Eliminar la piel del lenguaje, dejar al descubierto sólo su ritmo interior y
su realización (en términos de sentido), son actos de renuncia con los que Beckett
nos aproxima al silencio, objeto de su búsqueda. Se trata de una reconstrucción
aséptica o interrogativa de un aspecto de la realidad. En lo que concierne a
su personaje originario -su protopersonaje, por así llamarle- hallamos tres
cuestiones vinculadas al silencio o al gesto que antecede a la operación de
callar: la memoria enrarecida frente a las opciones del lenguaje, la ausencia
de Dios, y la incomprensión de la realidad. Sobre este último tópico cabe decir
que la mayoría de los personajes encuentra, en la autopercepción, una manera
de contrarrestar la impenetrabilidad del entorno.
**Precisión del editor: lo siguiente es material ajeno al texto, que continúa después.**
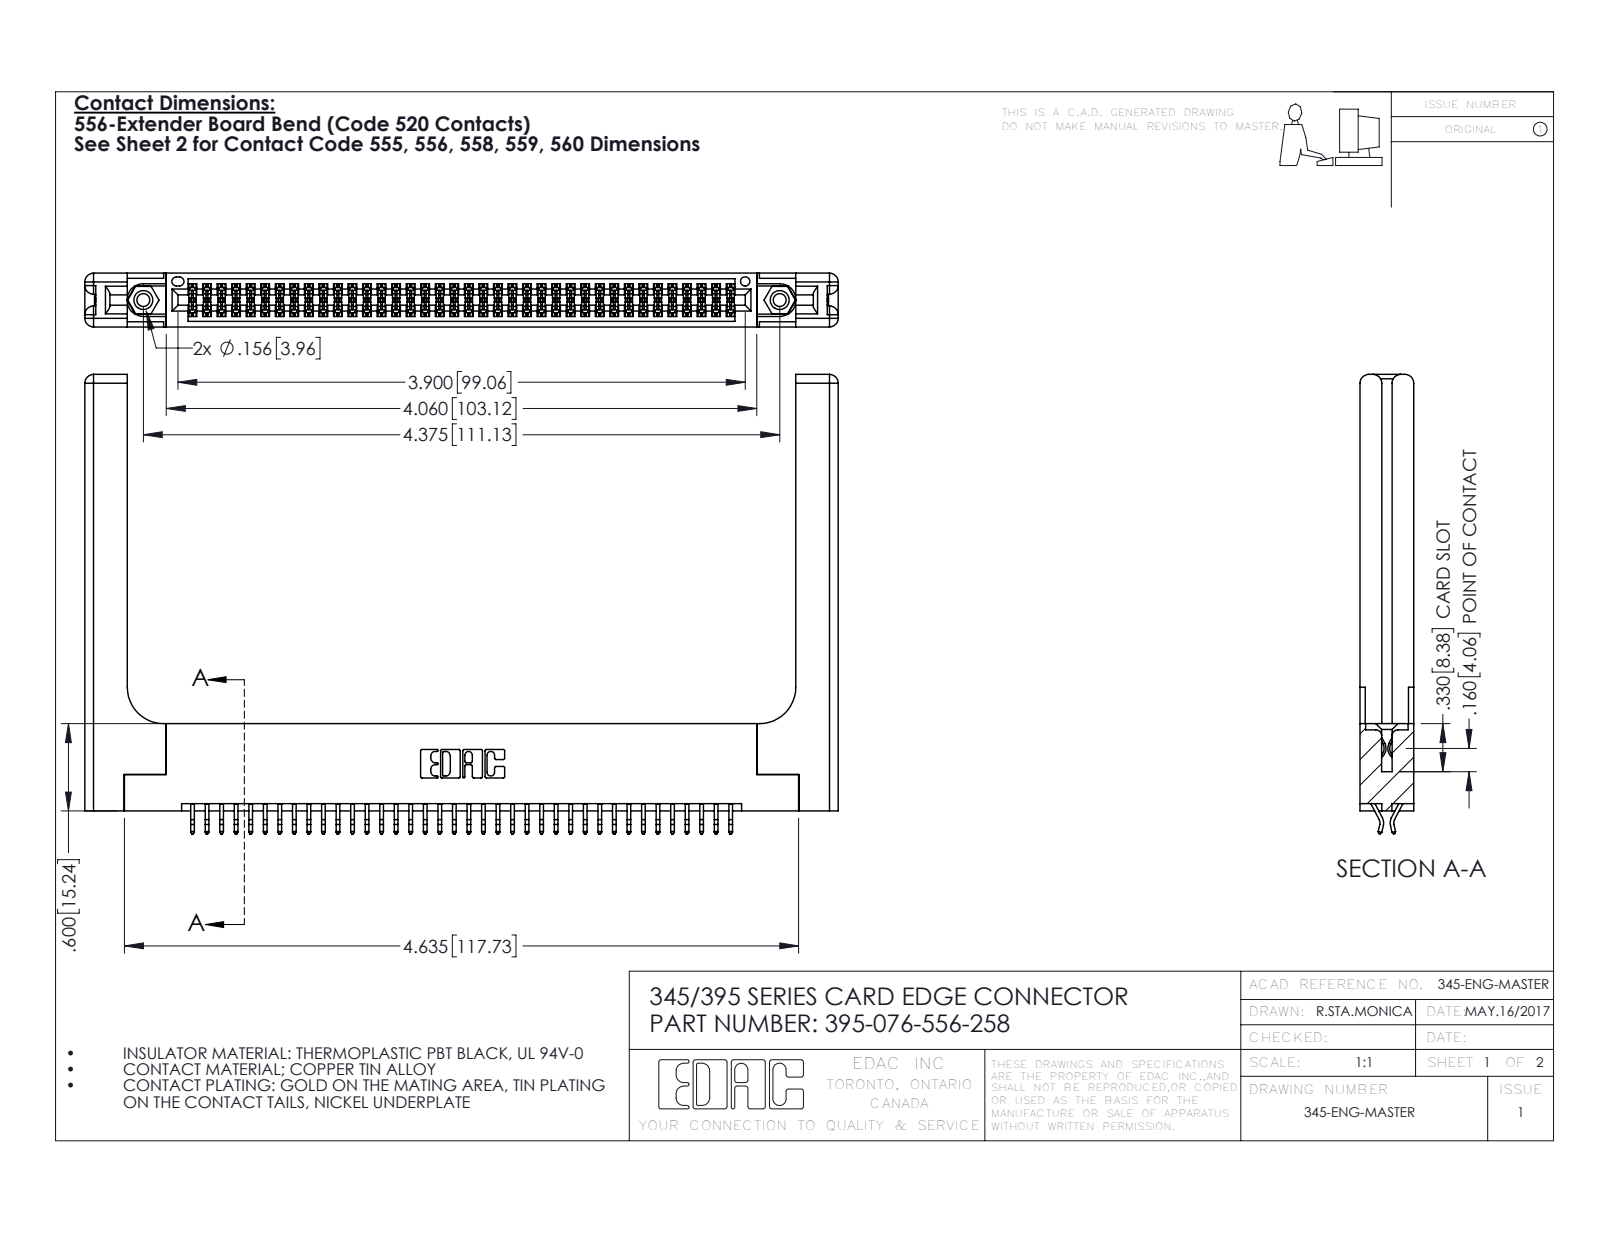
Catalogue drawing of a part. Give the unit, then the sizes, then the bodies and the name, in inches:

Les basta autopercibirse mediante
sencillas referencias al yo, o inventando historia acerca del yo para dotarlo,
al mismo tiempo, de una dimensión concreta.
Aunque tienen la seguridad, en medio de tantas incertidumbres, de que el yo
es la forma de las palabras -concepción con la que Beckett se avecinaría al
último Heidegger-, los personajes se debaten en el océano de posibilidades que
aquéllas representan al brindar múltiples historias convergentes en la misión
de particularizar el yo, nombrarlo y, por consiguiente, insertarlo en el universo
cotidiano. Así, podríamos conjeturar que Molloy, cuando escribe esas extrañas
páginas por las que recibe algún dinero, está dando vida a Moran, o soñando
las peripecias de Moran como si fuesen suyas, y que Moran, al redactar su informe
sobre el caso Molloy, no hace más que inventar una identidad. Un personaje presupone
la existencia del otro y viceversa. En el vericueto de falacias y dudas que
encierra Molloy, se ponen de manifiesto los ejes de lo que seria lícito denominar
el texto vacilante de Beckett, un especimen autodestructivo en lo que se refiere
a los vestigios de la noción clásica de literatura.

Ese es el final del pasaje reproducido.